Coline Vignerie - Publié le 12 mars 2020
AUTONOMIE - Récup', permaculture et auto-construction : découvrez la naissance d'un village écologique.
Ils sont juristes, employés d'une ressourcerie, surveillants au collège, étudiants, coachs en développement personnel ou encore médecins... Depuis un an, ils ont décidé de vivre autrement. L'idée qui se cache derrière leur tête ? Créer un éco-village et filer vers la décroissance !
C'est en Centre Bretagne que ce collectif s'est installé, persuadé qu'il n'y a pas qu'une seule voie possible pour vivre sa vie. Pierre-Elie fait partie de cette communauté : “Après mes études à Sciences Po Bordeaux, j'ai fait un voyage en stop et sans argent avec ma copine. Aujourd'hui notre souhait, c'est d'essayer des choses nouvelles : construire un mode de vie alternatif, respectueux de la nature et des personnes qui nous entourent.”

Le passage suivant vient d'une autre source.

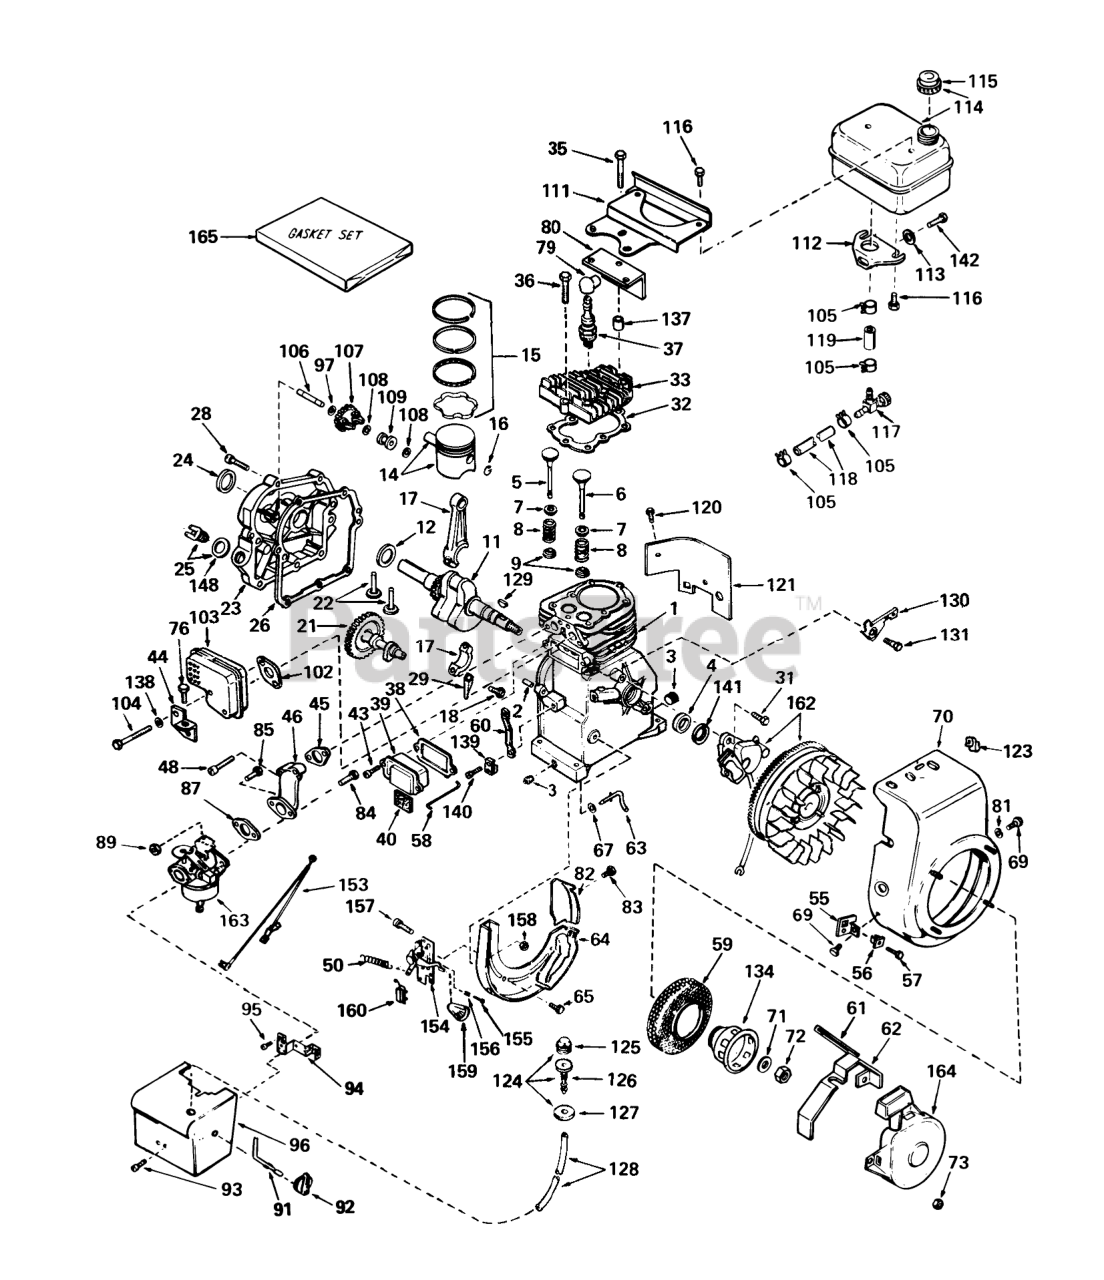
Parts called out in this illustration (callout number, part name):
1	Cylinder Assy. (Incl. #2, 3 4)
2	Pin-Dowel
3	Plug-Drain, Oil (SQH 1/4-18)
4	Seal-Oil
5	Valve, Intake (Standard) (Incl. Nos. 7, 9 10)
5	Valve, Intake (1/32" Oversize) (Incl. Nos. 7, 9 10)
6	Valve, Exhaust (Standard) (Incl. Nos. 8, 9 10)
6	Valve, Exhaust (1/32" Oversize) (Incl. Nos. 8, 9 10)
7	Cap-Upper Valve Spring
8	Spring-Valve
9	Cap-Valve, Spring
11	Crankshaft Assembly
12	Washer-Thrust
14	Piston Pin Assy. (Incl . Ref. . #14) (Std.)
14	Piston, Pin Ring Assy. (Std.)(Incl. Ref. #13A, 14 15)
14	Piston Pin Assy. (Incl. Ref. #14) (.010 Oversize)
14	Piston,Pin Ring Assy. (.010 over-size)(Incl. Ref. #13A, 14 15)
14	Piston Pin Assy. (.020 oversize) (Incl. Ref. #14)
14	Piston, Pin Ring Assy. (Incl. Nos. 13A, 14 15)(.020 oversize)
15	Ring Set Piston (Std.)
15	Ring Set Piston (.010 Oversize)
15	Ring Set Piston (.020 Oversize)
16	Ring-Retaining, Piston Pin
17	Rod Assembly, Connecting (Incl. Nos. 17 18)
18	Bolt-Rod, Connecting
21	Camshaft
22	Lifter-Valve
23	Cover, Cylinder (Incl. Nos. 24, 25, 106 148)
24	Seal-Oil
25	Plug-Fill, Oil
26	Grommet 2 1/2 Dia.
28	Screw
29	Dipper-Oil
31	Screw
32	63573 GIL 42 SNWTHW
33	Head Cylinder
35	Screw (5/16-18 X 2)
36	Screw (5/16-18x1-1/2)
37	Plug, Spark (J17LM or equiv.)
37	Plug, Spark (Champion RCJ-8)
38	Gasket Breather
39	Breather Assembly (Incl. Nos. 52 84)
40	Element-Breather
43	Screw
44	Bracket-Cover, Carburetor
45	Gasket, Intake
46	Pipe, Intake
48	Screw (1/4-20 x 1-19/32)
50	Spring-Extension
55	Bracket
56	Grommet
57	Screw
58	Link-Governor to Throttle
59	Screen-Starter
60	Lever, Governor
61	Seal, Snowguard
62	Guard-Starter
63	Rod-Governor
64	Baffle-Blower Housing
65	Screw (1/4-20x19/32)
67	Washer-Flat
69	Screw
70	Housing, Blower
71	Washer-Spring
72	Hex Nut
73	Nut and Lock Washer (1/4-28)
76	Screw (10-24 x 3/8)
79	Cover-Spark Plug
80	Baffle-Heat
81	Washer
82	Baffle-Extension
83	Screw-Hex Washer Hd.
85	Screw-Fil. Hd.
87	Gasket
89	Nut and Lock Washer (1/4-28)
91	Rod-Choke
92	Knob-Control
93	Screw (8-32 X 5/16)
94	Bracket-Choke
95	Screw (10-32 x 1/2)
96	Cover, Carburetor
97	Washer-Flat
102	Gasket-Intake
103	Muffler
104	Screw-Fil. Hd.
105	Clamp-Line, Fuel
106	Shaft-Governor
107	Governor Gear ASM
108	Ring-Retaining
109	Spool, Governor
111	Plate-Fuel Tank
112	Bracket, Fuel Tank Lower
113	Washer
114	53023/VAR.10/16HP O
115	Cap, Fuel
116	Screw (1/4-15x7/8)
117	Valve-Shut Off
118	Line-Fuel
119	Line-Fuel (8.62)
120	Screw
121	Extension-Blower
123	51004 GIL ROTARY TI
124	Primer Assy. (Incl. Nos. 89, 90 91)
125	Bulb, Primer
126	Body, Primer
127	Retainer, Primer Bulb
128	Line, Primer
129	Key, FIywheel
130	Bracket-Hold Down
131	Screw (10-24 x 9/16)
134	Cup, Starter
137	pacer
138	Washer
139	Clamp-Lever, Governor
140	Screw
141	Gasket Stator
142	Screw Assembly
148	Gasket
153	Wire-Ground
154	Control Assembly, Speed (Incl. Ref. #155 thru 158 160)
155	Screw
156	Spring-Compression
157	Screw
158	Nut-Lock
159	Knob-Control
160	Terminal
162	Magneto
163	Carburetor (Incl. Ref. #87)
164	Starter Assy., Rewind
165	Gasket
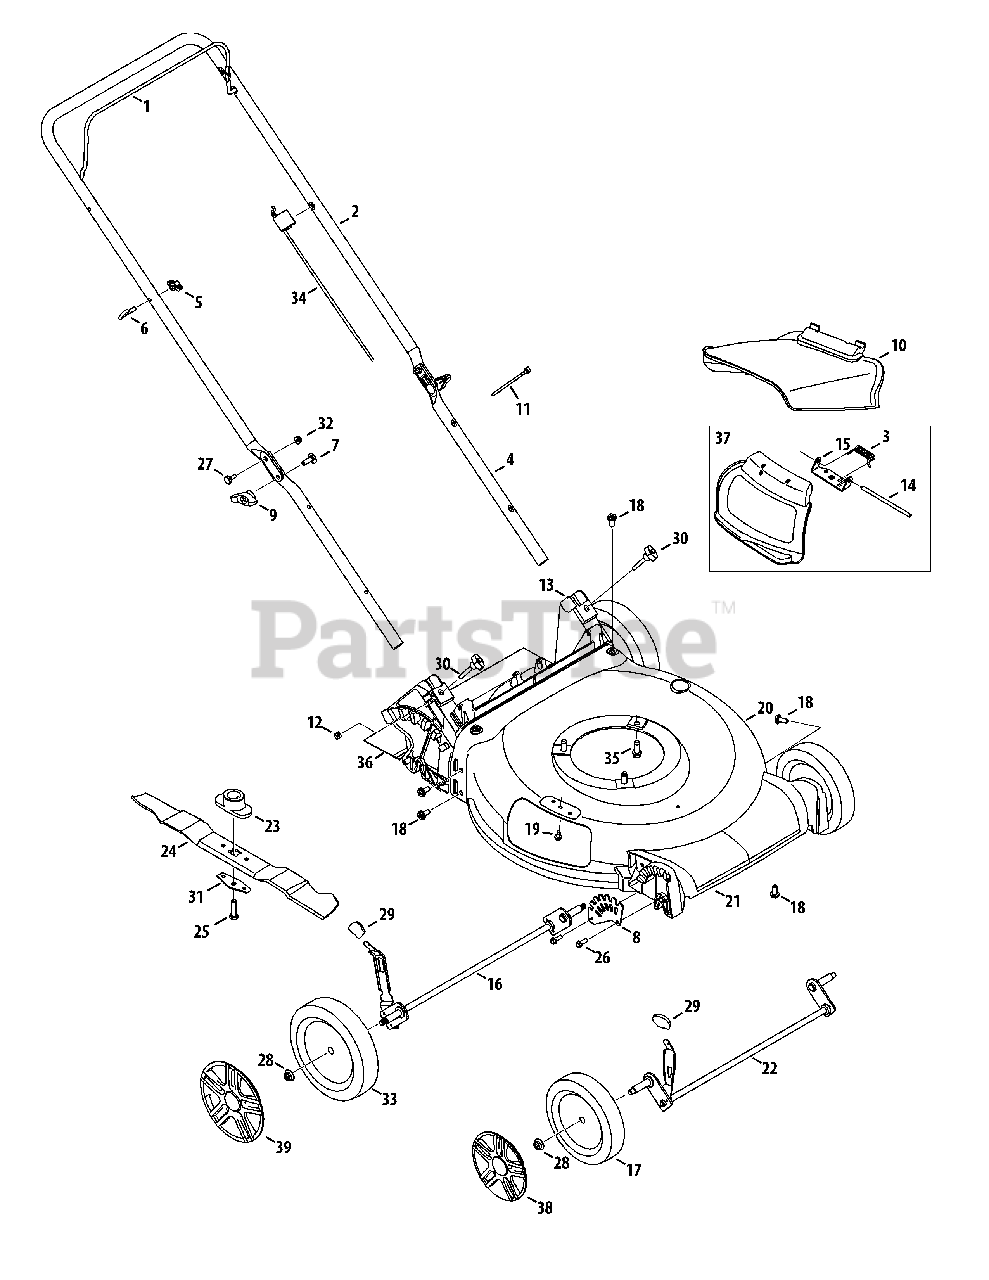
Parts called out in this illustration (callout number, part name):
1	Blade Control
2	Upper Handle, Non-Adjustable
3	Torsion Spring
4	Lower Handle
5	Wing Nut
6	Rope Guide
7	Carriage Screw ,5/16-18
8	Front Height Adjuster Plate
9	Wing Knob
10	Side Chute
11	Cable Tie
12	Nut, Sq., 1/4-20
13	Rear Baffle
14	Hinge Pin
15	Chute Deflector Bracket
16	Rear Axle Assembly
17	Front Wheel, 7 x 1.8, Bar, Gray
18	Screw, 5/16-14 x .750
19	Screw, 1/4-20 x .500
20	Deck , 21"
21	Front Cover
22	Front Axle Assembly
23	Blade Adapter, 139cc
24	Mulching Blade
25	Screw , 3/8-24 x 1.50
26	Screw, 1/4-15 x .750
27	Sldr. Screw, .375 x .126 x 1/4-20
28	Flange Lock Nut, 3/8-16
29	Adjustment Lever Knob
30	Wing Nut
31	Blade Bell Support
32	Nut, Flange Lock, 1/4-20
33	Rear Wheel, 8 x 1.8, Bar, Gray
34	Control Cable, 40.00"
35	TT Sems Screw, 3/8-16 x 1.0
36	Trail shield
37	Hinged Mulch Plug Assembly
38	Hubcap, 7"
39	Hubcap, 8"
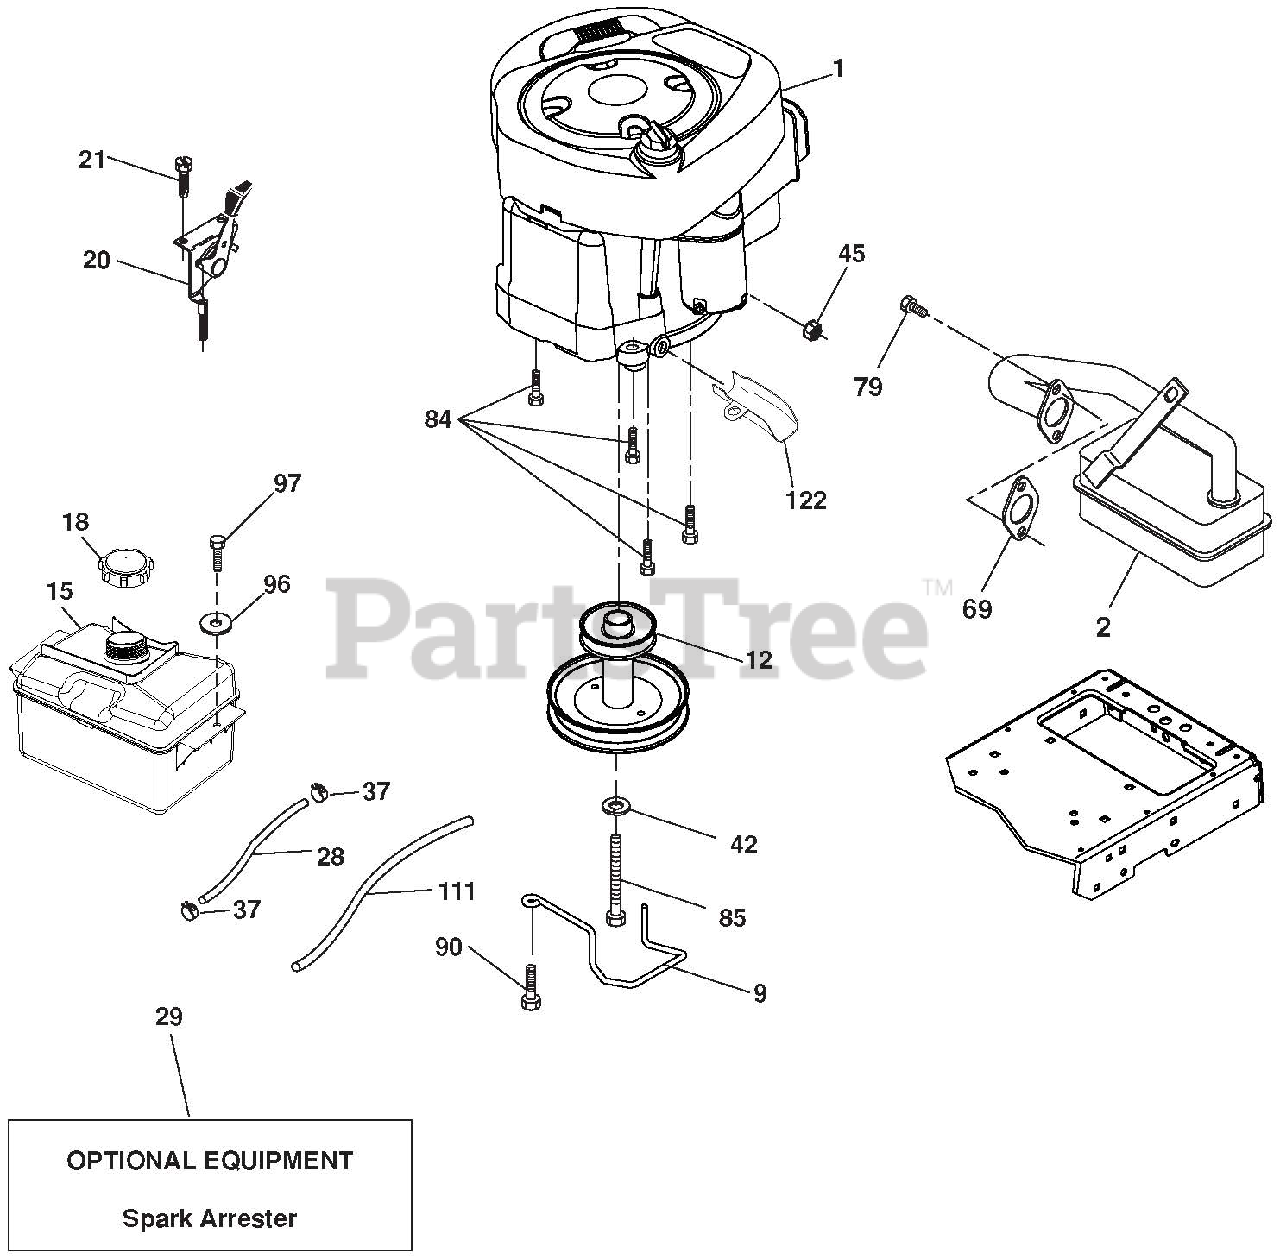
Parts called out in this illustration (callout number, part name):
2	Muffler Exhaust B&S
9	KEEPER.BELT.ENGINE.3.25"NSTL
12	ENGINE PULLEY
15	TANK FUEL
18	CAP.FUEL
20	CONTROL.THROTTLE
28	LINE.FUEL.1/4" ID(LOW PREM)
29	KIT.SPARK ARRESTOR(392390 B&S)
37	CLAMP.HOSE.BLK.
42	WASHER.LOCK.HVY HLCL.SPR.7/16
45	Nut, Keps Hex 1/4-20 unc
69	Gasket Eng 1 313 Id Tin Plated
79	SCREW.SOCKET HD.5/16-18 X .75
84	Screw 3/8-16 x 1-1/4
85	BOLT.HEX.7/16-20X4XGR5-1.5THR.
90	SCREW.3/8-16X1.SMGML.TAP/R.BLK
96	WASHER.9/32 X 7/8 X 16GA.
97	SCREW.HEXWSH.THDROL.1/4-20X3/4
111	PURGE.LINE.CARB
122	Extension Drain Oil
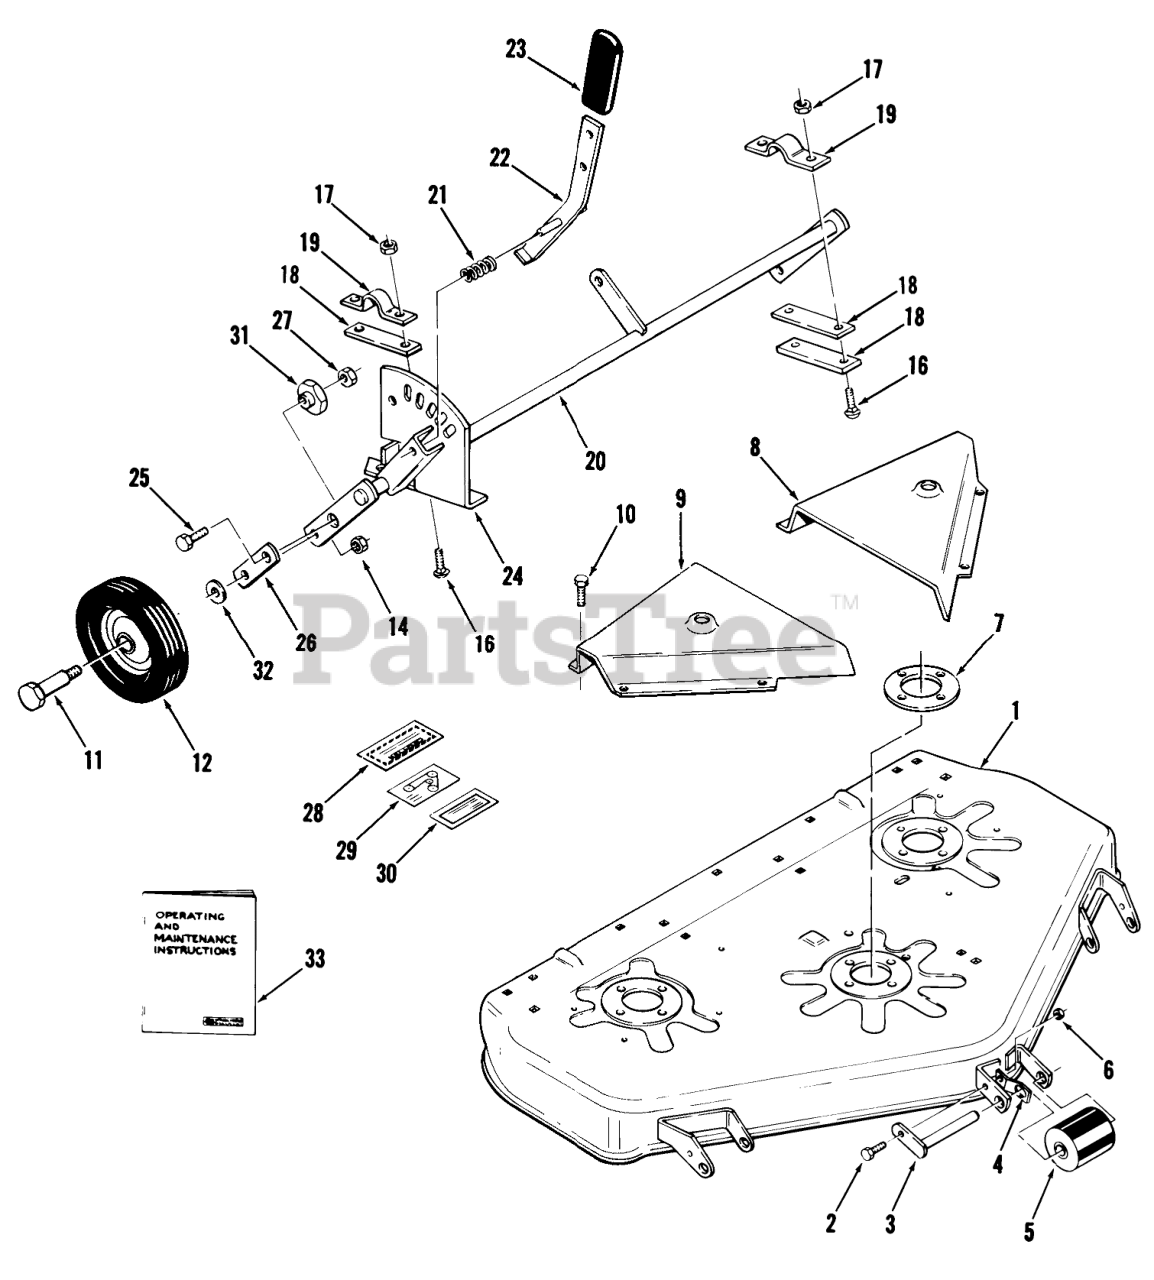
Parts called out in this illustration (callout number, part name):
1	Mower Deck
2	H H C S
3	Roller Shaft
4	SPRING ROLLER STOP
5	Roller
6	Nut
7	PLATE-SPINDLE
8	Belt Cover LH
9	Belt Cover RH
10	Bolt
11	BOLT-SHOULDER
12	Wheel 6 x 1.75 (w/5306 Bushings)
14	Nut
16	Bolt
17	Nut
18	Strap
19	CLAMP
20	Gage Wheel Support
21	SPRING-COMPRESSION
22	Lever
24	Quadrant
25	Bolt
26	Wheel Plate
27	Nut
28	Caution Decal
29	DECAL-HEIGHT & BELT
30	Decal-Caution
31	STEERING ARM
32	WASHER
33	Operating and Maintenance Instructions

Après avoir mûri l'idée pendant plusieurs mois, le collectif doit trouver un lieu. Ce sera Castel Bel Air, sur le bord d'un étang de la commune de Priziac. Le terrain d'une quinzaine d'hectares est situé sur les ruines d'un château entouré de douves datant du XIe siècle. L'étang est accessible par un petit chemin dans la forêt, bordé par la mousse et les myrtilles sauvages. Le collectif prend racine. Tout est en place pour créer un petit paradis, à la fois utopiste et réaliste.
Le but ? Tenter de trouver un équilibre, une harmonie entre les habitants. “Il faut désapprendre, se déprogrammer, pour avancer, nous confie Lynn. Ici, on n'invente rien mais on invente tout”.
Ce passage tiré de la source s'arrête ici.